Recuerdos en el aire
ذكريات هوائية



Recuerdos en el aire
ذكريات هوائية

Cierro los ojos para ver más hondo
y siento
que me apuñalan fría,
justamente,
con ese hierro viejo: la memoria.
 
Ángel González
 

Era uno de estos episodios de insomnio que sufro con frecuencia. No suelo pensar en el
pasado, cuando se me presentan, ya que lo pasado, pasado está. En la cama, doy vueltas a
derecha e izquierda. Siempre pienso en el mañana, y no más en el pasado.  Es inútil
intentarlo; no podré dormir. Salgo del cuarto donde dejé bien dormida a mi esposa. Me
tropiezo con uno de los juguetes que siempre deja tirados mi hija, mientras camino en el
pasillo. ¡Malditos sean estos bloques de construcción! Si no tienes cuidado, en su estado
suelto, tiene el mismo efecto de las armas blancas. Los recojo del suelo y me dirijo al salón
donde intento recuperar mi infancia armando las figuras originales. No lo consigo: no gozo
de ninguna habilidad manual, incluso en los asuntos más triviales. Es un defecto que se
puede agregar a la larga lista de mis carencias. Pienso en eso sentado en el sillón, cuyo
incómodo relleno tenemos que aguantar; no lo supimos escoger bien, y por el momento la
situación económica no ayuda para cambiarlo.

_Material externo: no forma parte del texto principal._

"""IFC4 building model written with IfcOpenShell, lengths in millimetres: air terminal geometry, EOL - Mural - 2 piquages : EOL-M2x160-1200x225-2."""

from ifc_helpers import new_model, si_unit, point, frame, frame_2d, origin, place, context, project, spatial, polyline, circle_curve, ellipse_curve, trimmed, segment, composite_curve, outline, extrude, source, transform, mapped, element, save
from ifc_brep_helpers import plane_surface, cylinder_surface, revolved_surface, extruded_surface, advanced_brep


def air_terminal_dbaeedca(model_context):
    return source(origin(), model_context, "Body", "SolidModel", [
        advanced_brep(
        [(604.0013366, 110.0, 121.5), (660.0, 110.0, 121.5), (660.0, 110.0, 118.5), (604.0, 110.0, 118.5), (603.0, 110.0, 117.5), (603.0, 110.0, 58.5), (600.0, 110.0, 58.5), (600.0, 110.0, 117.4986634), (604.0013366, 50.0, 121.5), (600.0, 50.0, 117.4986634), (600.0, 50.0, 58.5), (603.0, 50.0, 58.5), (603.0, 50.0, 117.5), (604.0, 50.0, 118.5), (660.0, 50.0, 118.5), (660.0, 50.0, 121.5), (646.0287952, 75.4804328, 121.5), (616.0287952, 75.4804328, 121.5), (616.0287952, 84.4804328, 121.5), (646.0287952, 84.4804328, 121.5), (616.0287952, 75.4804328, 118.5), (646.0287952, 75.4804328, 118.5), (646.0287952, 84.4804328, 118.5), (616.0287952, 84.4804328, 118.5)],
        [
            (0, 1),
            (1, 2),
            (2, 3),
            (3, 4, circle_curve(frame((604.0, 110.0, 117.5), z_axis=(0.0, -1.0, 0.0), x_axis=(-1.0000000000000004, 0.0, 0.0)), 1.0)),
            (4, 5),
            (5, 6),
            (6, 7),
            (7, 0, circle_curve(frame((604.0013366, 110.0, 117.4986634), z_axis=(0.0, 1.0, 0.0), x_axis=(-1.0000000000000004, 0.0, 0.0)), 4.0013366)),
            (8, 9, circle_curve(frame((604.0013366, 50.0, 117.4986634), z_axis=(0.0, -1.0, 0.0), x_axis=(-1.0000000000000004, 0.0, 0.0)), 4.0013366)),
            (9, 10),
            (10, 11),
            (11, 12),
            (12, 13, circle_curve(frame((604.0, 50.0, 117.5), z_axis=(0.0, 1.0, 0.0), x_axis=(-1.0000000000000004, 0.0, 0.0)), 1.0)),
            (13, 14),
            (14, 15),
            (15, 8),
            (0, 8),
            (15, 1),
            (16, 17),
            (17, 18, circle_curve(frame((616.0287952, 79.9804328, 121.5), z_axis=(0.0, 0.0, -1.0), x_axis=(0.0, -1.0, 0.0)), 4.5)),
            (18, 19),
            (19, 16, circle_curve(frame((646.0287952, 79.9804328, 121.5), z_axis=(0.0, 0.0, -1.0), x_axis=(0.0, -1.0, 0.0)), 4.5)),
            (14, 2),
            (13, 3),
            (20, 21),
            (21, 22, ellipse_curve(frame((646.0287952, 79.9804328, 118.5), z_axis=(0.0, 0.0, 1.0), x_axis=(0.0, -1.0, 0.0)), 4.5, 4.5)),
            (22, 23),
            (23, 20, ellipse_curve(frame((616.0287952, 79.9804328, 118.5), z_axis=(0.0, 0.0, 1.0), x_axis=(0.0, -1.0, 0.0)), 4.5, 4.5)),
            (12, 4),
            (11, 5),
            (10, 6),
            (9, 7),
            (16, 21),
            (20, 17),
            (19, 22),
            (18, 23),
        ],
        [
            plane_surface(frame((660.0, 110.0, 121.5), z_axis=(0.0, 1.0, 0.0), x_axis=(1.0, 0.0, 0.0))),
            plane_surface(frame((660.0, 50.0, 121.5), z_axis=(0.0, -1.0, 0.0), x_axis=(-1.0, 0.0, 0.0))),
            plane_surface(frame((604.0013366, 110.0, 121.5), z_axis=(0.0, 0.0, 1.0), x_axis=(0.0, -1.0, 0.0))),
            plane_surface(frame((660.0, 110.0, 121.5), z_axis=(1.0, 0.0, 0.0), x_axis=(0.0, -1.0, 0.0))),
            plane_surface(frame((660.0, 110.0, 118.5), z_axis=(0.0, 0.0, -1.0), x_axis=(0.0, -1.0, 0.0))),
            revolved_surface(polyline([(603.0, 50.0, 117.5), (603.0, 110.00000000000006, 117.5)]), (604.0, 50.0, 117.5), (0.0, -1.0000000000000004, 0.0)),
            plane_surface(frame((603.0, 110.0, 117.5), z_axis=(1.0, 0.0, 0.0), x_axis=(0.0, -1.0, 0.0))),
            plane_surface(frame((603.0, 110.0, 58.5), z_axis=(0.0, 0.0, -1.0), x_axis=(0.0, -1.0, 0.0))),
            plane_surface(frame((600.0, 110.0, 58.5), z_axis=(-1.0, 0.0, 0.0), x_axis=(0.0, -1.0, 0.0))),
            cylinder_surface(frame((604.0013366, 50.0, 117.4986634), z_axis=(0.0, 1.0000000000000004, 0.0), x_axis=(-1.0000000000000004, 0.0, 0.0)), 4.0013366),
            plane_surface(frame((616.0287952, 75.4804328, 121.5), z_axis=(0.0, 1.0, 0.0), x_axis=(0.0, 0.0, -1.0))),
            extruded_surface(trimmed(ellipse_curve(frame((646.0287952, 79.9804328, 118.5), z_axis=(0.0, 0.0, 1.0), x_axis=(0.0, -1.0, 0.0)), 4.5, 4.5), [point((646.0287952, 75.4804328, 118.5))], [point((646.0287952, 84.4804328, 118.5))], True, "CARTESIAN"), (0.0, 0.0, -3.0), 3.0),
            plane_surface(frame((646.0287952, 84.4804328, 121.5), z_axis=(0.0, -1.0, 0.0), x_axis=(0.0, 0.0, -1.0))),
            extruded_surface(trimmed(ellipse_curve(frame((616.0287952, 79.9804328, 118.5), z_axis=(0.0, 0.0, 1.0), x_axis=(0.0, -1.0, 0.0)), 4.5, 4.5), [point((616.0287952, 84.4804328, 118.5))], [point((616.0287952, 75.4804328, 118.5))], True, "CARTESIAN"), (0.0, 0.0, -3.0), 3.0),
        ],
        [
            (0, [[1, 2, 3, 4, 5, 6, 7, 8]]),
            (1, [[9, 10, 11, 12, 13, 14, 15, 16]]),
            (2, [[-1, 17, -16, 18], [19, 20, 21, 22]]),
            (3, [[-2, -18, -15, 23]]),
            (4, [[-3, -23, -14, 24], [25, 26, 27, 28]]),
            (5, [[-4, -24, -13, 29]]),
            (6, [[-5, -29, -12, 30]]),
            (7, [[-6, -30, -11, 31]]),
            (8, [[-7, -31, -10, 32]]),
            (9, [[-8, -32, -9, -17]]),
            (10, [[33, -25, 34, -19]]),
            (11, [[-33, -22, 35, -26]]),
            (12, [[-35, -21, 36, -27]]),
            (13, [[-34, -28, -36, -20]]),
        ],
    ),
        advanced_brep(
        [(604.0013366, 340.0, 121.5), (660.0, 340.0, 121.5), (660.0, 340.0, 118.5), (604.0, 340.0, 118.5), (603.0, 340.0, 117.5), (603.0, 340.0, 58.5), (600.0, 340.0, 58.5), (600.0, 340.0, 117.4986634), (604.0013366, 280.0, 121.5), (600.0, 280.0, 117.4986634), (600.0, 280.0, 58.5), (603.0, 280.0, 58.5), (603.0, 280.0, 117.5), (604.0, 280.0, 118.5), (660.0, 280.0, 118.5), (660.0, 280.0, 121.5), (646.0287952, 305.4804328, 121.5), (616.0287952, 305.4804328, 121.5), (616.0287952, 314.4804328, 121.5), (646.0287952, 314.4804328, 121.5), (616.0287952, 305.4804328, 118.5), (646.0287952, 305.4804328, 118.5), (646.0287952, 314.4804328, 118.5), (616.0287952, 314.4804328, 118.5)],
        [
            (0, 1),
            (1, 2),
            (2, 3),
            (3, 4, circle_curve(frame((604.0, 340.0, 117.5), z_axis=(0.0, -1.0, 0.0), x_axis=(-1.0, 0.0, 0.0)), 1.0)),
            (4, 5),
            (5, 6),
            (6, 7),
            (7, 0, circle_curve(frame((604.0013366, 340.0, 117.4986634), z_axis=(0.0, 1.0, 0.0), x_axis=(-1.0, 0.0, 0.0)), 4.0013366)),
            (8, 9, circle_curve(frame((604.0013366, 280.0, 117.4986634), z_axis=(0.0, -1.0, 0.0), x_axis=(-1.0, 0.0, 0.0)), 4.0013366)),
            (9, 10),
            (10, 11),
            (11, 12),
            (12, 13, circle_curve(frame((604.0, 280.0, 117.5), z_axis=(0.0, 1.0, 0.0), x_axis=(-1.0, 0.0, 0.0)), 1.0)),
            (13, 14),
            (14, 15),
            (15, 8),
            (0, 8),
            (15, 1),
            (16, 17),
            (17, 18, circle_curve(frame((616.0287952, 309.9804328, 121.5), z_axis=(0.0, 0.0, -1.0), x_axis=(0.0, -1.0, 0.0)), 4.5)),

Agarro el control y cambio de canales. Más de mil opciones y nada me llama la
atención: “Matan a seis civiles” “Con la empresa Alsaudia”.  “¡¿Escuchas lo que dices,
güey?!”… “Única y exclusivamente”… “You Can’t handle the truth”. Nada interesante que
ver. No sé por qué ahora me persiguen recuerdos del pasado. Es muy raro que eso me
suceda: recuerdo a mi padre en su chilaba blanca. Veo su rostro redondo de color vinoso,
sus ojos verdes, su calva cubierta de pelo canoso por los laterales, y su distintivo bigote del
mismo color.

De la nada, me encuentro trasladado al antiguo departamento de la familia: en la
calle de Ibrahim Rifaei. Ahí está mi padre, sentado en el salón, frente a la mesa marrón, que
cubrió con una vieja manta verde, que algunas de sus partes se convirtieron en amarillo por
las quemaduras de la plancha.  Sobre la manta puso una sábana grande que amarró de sus
cuatro esquinas por debajo de la mesa. El viejo se está preparando para la famosa tradición
del viernes: planchar la ropa mientras nosotros vemos la tele.

A Hajj Salah 1 no le gustaba usar los servicios del tintorero. Prefería realizar su ritual del
planchado personalmente, aunque tardara unas tres horas o incluso más. Nunca pude
entender el motivo de amarrar las extremidades de la sábana por debajo de la mesa.
Entiendo que la razón de poner la manta y la sábana es para proteger la madera del calor y
de las quemaduras; pero la idea de envolver la mesa como si fuera un regalo, mostrando así
sus nudos por debajo, sigue siendo un misterio.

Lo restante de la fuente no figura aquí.